In 1980 he came back to New York, where New Wave music raised his awareness of working-class and social issues whilst he was immersed in a dense and strongly geometrised urban space. From then on, Peter Halley tried to describe the city through New Geometry or 'Neo Geo' – a movement for which he became the theoretician – which could appear as a reaction to the New Figuration that was dominant on the international scene at the time.
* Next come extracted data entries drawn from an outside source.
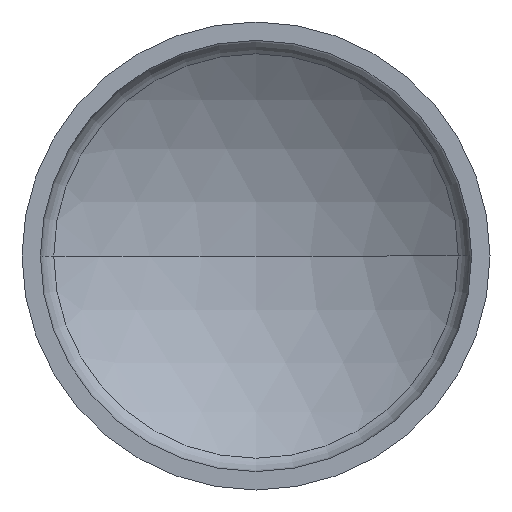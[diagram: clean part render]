
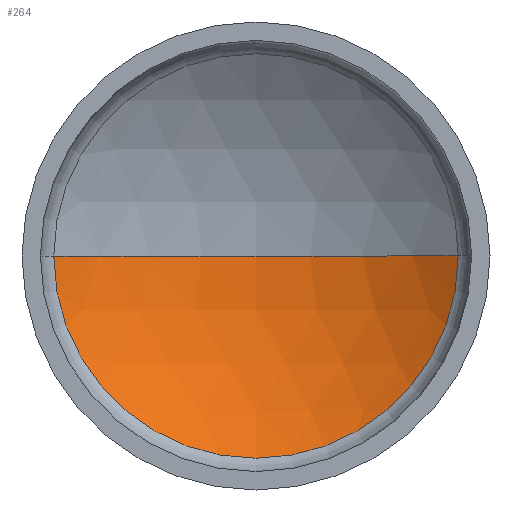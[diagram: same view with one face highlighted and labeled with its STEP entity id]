
A CAD part, front view. The second image highlights one B-rep face of the part: STEP entity #264.
In plain terms, the highlighted spherical face has radius 54.88 mm.
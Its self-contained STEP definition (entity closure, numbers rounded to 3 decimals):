
#21 = EDGE_LOOP ( 'NONE', ( #376, #309, #159 ) ) ;
#41 = DIRECTION ( 'NONE',  ( 0., 0., 1. ) ) ;
#103 = CIRCLE ( 'NONE', #212, 32.879 ) ;
#118 = DIRECTION ( 'NONE',  ( 0., 0., -1. ) ) ;
#120 = VERTEX_POINT ( 'NONE', #135 ) ;
#121 = CARTESIAN_POINT ( 'NONE',  ( -32.879, 4.561, 0. ) ) ;
#130 = CIRCLE ( 'NONE', #357, 54.88 ) ;
#135 = CARTESIAN_POINT ( 'NONE',  ( 0., 15.5, 0. ) ) ;
#152 = CARTESIAN_POINT ( 'NONE',  ( 0., -39.38, 0. ) ) ;
#155 = CARTESIAN_POINT ( 'NONE',  ( 32.879, 4.561, 0. ) ) ;
#159 = ORIENTED_EDGE ( 'NONE', *, *, #314, .F. ) ;
#186 = DIRECTION ( 'NONE',  ( -1., 0., 0. ) ) ;
#200 = DIRECTION ( 'NONE',  ( 0., 1., 0. ) ) ;
#201 = CIRCLE ( 'NONE', #398, 54.88 ) ;
#209 = VERTEX_POINT ( 'NONE', #155 ) ;
#212 = AXIS2_PLACEMENT_3D ( 'NONE', #349, #200, #240 ) ;
#240 = DIRECTION ( 'NONE',  ( -1., 0., 0. ) ) ;
#264 = ADVANCED_FACE ( 'NONE', ( #334 ), #364, .F. ) ;
#278 = VERTEX_POINT ( 'NONE', #121 ) ;
#288 = DIRECTION ( 'NONE',  ( 1., 0., 0. ) ) ;
#299 = AXIS2_PLACEMENT_3D ( 'NONE', #152, #400, #306 ) ;
#306 = DIRECTION ( 'NONE',  ( -1., 0., 0. ) ) ;
#309 = ORIENTED_EDGE ( 'NONE', *, *, #359, .T. ) ;
#314 = EDGE_CURVE ( 'NONE', #278, #120, #130, .T. ) ;
#334 = FACE_OUTER_BOUND ( 'NONE', #21, .T. ) ;
#340 = CARTESIAN_POINT ( 'NONE',  ( 0., -39.38, 0. ) ) ;
#349 = CARTESIAN_POINT ( 'NONE',  ( 0., 4.561, 0. ) ) ;
#355 = CARTESIAN_POINT ( 'NONE',  ( 0., -39.38, 0. ) ) ;
#357 = AXIS2_PLACEMENT_3D ( 'NONE', #340, #118, #186 ) ;
#359 = EDGE_CURVE ( 'NONE', #209, #120, #201, .T. ) ;
#364 = SPHERICAL_SURFACE ( 'NONE', #299, 54.88 ) ;
#373 = EDGE_CURVE ( 'NONE', #209, #278, #103, .T. ) ;
#376 = ORIENTED_EDGE ( 'NONE', *, *, #373, .F. ) ;
#398 = AXIS2_PLACEMENT_3D ( 'NONE', #355, #41, #288 ) ;
#400 = DIRECTION ( 'NONE',  ( 0., 0., 1. ) ) ;

Yet this art does not fall within geometric abstraction as it developed in the twentieth century. For although its artistic language had certain similarities its intention was radically opposed to it. Whereas supporters of abstraction were in search of transcendence brought about by form, in order to escape society's growing materialism, Peter Halley developed an iconography that was fed by urban architecture and the practical organisation of modern life – such as the invasive means of signalling through schematic or abstract logos, from the street through to computers: "I have always thought of my work as representing something, I have never understood abstraction." And his approach was radical and politicised, fed by the thinking of the French poststructuralist philosophers Michel Foucault and Jean Baudrillard, the former, notably in Discipline and Punish: The Birth of the Prison (1975), analysing the workings of normalisation and control in our post-industrial societies; and the latter, in Simulacre and Simulation (1981), emphasising the fact that our direct link with reality is becoming increasingly loose in favour of a representation of the real, so much so that we are conditioned by illusions.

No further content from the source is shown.